Amazon's Jeff Bezos Debuts Spacecraft in First Flight Test - jonbaer
http://spectrum.ieee.org/tech-talk/aerospace/space-flight/amazons-jeff-bezos-debuts-spacecraft-in-first-flight-test
======
ColinWright
I'll repeat here an earlier comment[0] I made about this. In particular, I'm
trying to gauge the precise achievement of this test flight. It seems to have
gone up about 60 miles, about 100 kms, and then parachuted the empty crew
capsule back to Earth. That's about 1/4 of the altitude needed to get to LEO.

Then we recall that the kinetic energy it needs to be in orbit is about 10
times the gravitational potential energy[1]. That means this is about 1/40 of
the energy needed to get to LEO.

Does that sound about right?

This is undoubtedly a stage any company needs to go through, but it would be
nice to have some confirmation of where they are in the progress time-line.

[0]
[https://news.ycombinator.com/item?id=9467587](https://news.ycombinator.com/item?id=9467587)

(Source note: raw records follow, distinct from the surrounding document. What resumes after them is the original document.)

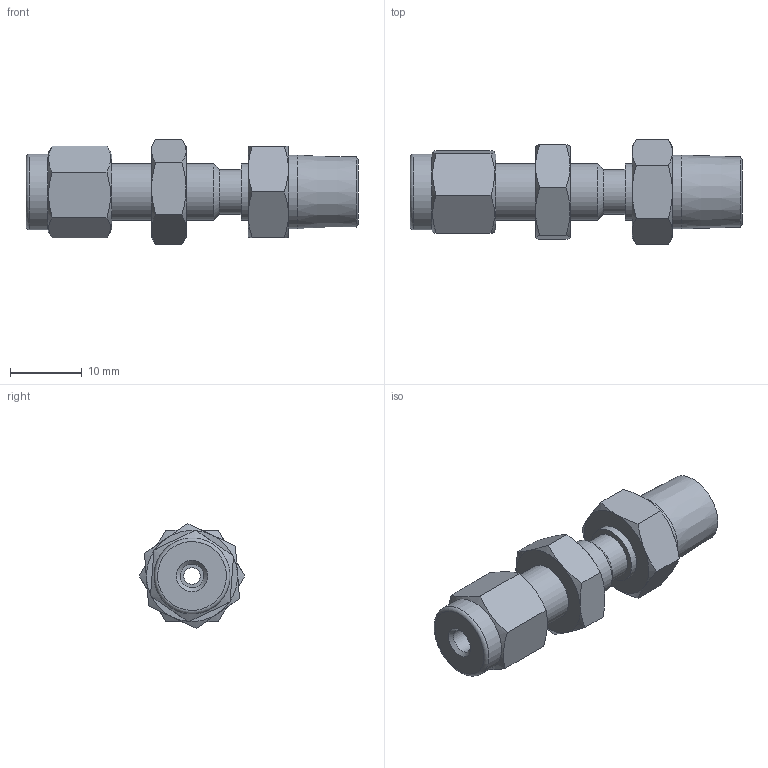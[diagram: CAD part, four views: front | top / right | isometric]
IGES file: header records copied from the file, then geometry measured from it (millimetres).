
Global section: file name: No Iges File Name specified; native system: Autodesk Inventor 2012; preprocessor: AutoDesk Inventor Iges Exporter R2012; author: 硅己绕,, ; organization: 11; date: 20150603.092441; units: millimetre
Bounding box: 46.26 x 14.66 x 14.62 mm (x, y, z)
Volume: 3772.1 mm3; surface area: 3014.4 mm2
Topology: 3 solids, 3 shells, 74 faces, 152 edges, 89 vertices
Faces by surface type: cone 30, plane 29, revolution 8, cylinder 6, torus 1
Full cylindrical faces by diameter (mm): 6.28 x2, 7.9 x1, 7.94 x1, 10.28 x1, 10.6 x1

[1] Very roughly, orbital velocity is around 8000 m/s, or 1/2 (8000)^2
m^2/s^2/kg, which is 32 x 10^6 m^2/s^2/kg. GPE is about 10 m/s^2 x 320 km = 32
x 10^5 m^2/s^2/kg.

------
gcb0
I feel we are getting ready for a new age like when every millionaire was
investing in railroads. but the rail investment came after there were routes
for the companies to service. what are the people investing on space flight
today aiming for?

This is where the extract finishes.